▸ Exercise brief
Taking the line that contains "Bounding box: 914.4" as the starting point, give again exactly every line up to and including the last line of the records below.

▸ Data for processing
+ + + + +
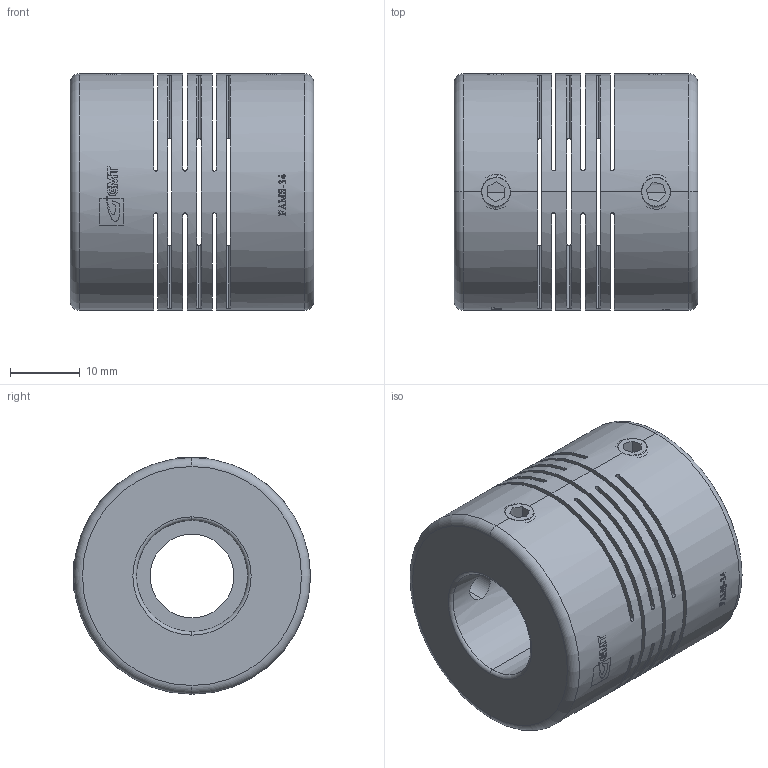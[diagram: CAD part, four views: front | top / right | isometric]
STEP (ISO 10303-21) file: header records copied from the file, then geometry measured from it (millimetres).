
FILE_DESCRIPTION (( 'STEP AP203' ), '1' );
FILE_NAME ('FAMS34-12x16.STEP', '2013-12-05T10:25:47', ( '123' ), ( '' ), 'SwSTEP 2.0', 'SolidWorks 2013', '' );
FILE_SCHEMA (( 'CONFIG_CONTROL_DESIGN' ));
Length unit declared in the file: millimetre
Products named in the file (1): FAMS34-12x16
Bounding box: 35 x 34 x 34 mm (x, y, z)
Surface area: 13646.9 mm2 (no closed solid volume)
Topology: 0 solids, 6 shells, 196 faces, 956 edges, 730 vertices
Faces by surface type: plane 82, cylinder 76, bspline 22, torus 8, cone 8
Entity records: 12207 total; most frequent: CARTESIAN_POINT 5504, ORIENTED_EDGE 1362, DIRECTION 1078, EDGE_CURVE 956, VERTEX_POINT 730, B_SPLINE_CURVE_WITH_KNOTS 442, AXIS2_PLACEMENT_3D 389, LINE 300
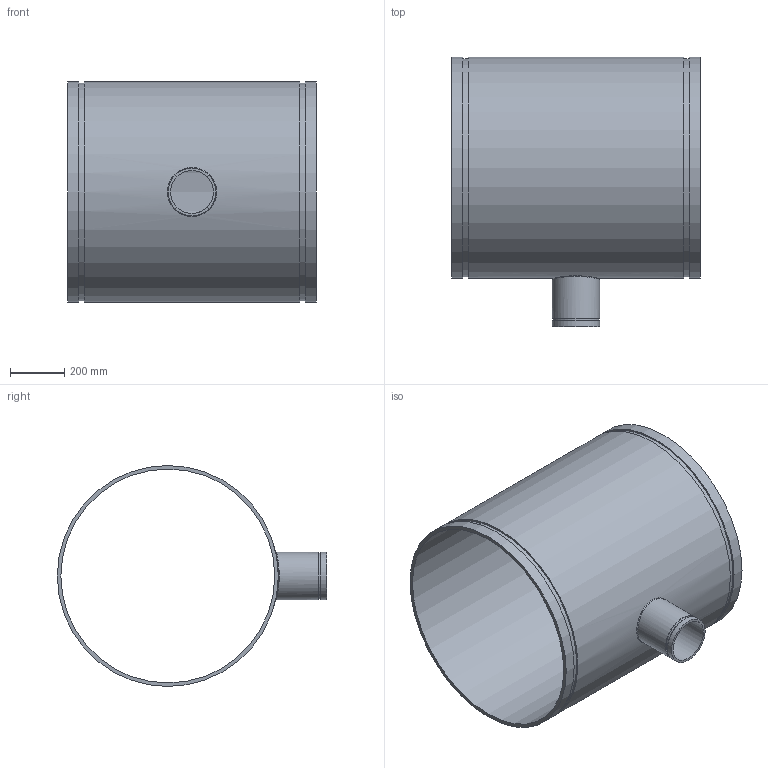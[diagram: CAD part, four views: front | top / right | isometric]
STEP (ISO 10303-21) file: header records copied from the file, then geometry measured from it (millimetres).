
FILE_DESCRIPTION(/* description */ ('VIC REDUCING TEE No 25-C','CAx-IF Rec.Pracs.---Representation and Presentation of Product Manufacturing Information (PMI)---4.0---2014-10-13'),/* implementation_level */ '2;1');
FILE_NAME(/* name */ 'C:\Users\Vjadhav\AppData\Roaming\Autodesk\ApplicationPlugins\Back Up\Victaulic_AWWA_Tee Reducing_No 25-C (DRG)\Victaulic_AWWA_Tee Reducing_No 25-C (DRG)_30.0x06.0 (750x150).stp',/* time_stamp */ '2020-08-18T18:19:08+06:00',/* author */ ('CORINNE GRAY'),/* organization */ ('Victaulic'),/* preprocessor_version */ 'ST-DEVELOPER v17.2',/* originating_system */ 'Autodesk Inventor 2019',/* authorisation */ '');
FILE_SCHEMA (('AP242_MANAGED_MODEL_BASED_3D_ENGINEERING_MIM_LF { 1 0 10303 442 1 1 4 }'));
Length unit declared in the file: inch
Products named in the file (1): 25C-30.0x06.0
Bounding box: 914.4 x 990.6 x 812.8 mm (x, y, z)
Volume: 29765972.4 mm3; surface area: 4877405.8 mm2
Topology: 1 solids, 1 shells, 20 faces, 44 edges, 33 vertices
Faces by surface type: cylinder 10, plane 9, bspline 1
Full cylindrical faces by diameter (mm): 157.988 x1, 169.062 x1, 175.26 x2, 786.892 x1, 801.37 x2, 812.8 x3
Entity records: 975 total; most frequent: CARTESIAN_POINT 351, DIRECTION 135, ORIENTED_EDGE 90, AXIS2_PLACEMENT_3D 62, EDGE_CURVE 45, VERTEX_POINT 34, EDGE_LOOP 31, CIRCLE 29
+ + + + +
▸ Result for this task
Bounding box: 914.4 x 990.6 x 812.8 mm (x, y, z)
Volume: 29765972.4 mm3; surface area: 4877405.8 mm2
Topology: 1 solids, 1 shells, 20 faces, 44 edges, 33 vertices
Faces by surface type: cylinder 10, plane 9, bspline 1
Full cylindrical faces by diameter (mm): 157.988 x1, 169.062 x1, 175.26 x2, 786.892 x1, 801.37 x2, 812.8 x3
Entity records: 975 total; most frequent: CARTESIAN_POINT 351, DIRECTION 135, ORIENTED_EDGE 90, AXIS2_PLACEMENT_3D 62, EDGE_CURVE 45, VERTEX_POINT 34, EDGE_LOOP 31, CIRCLE 29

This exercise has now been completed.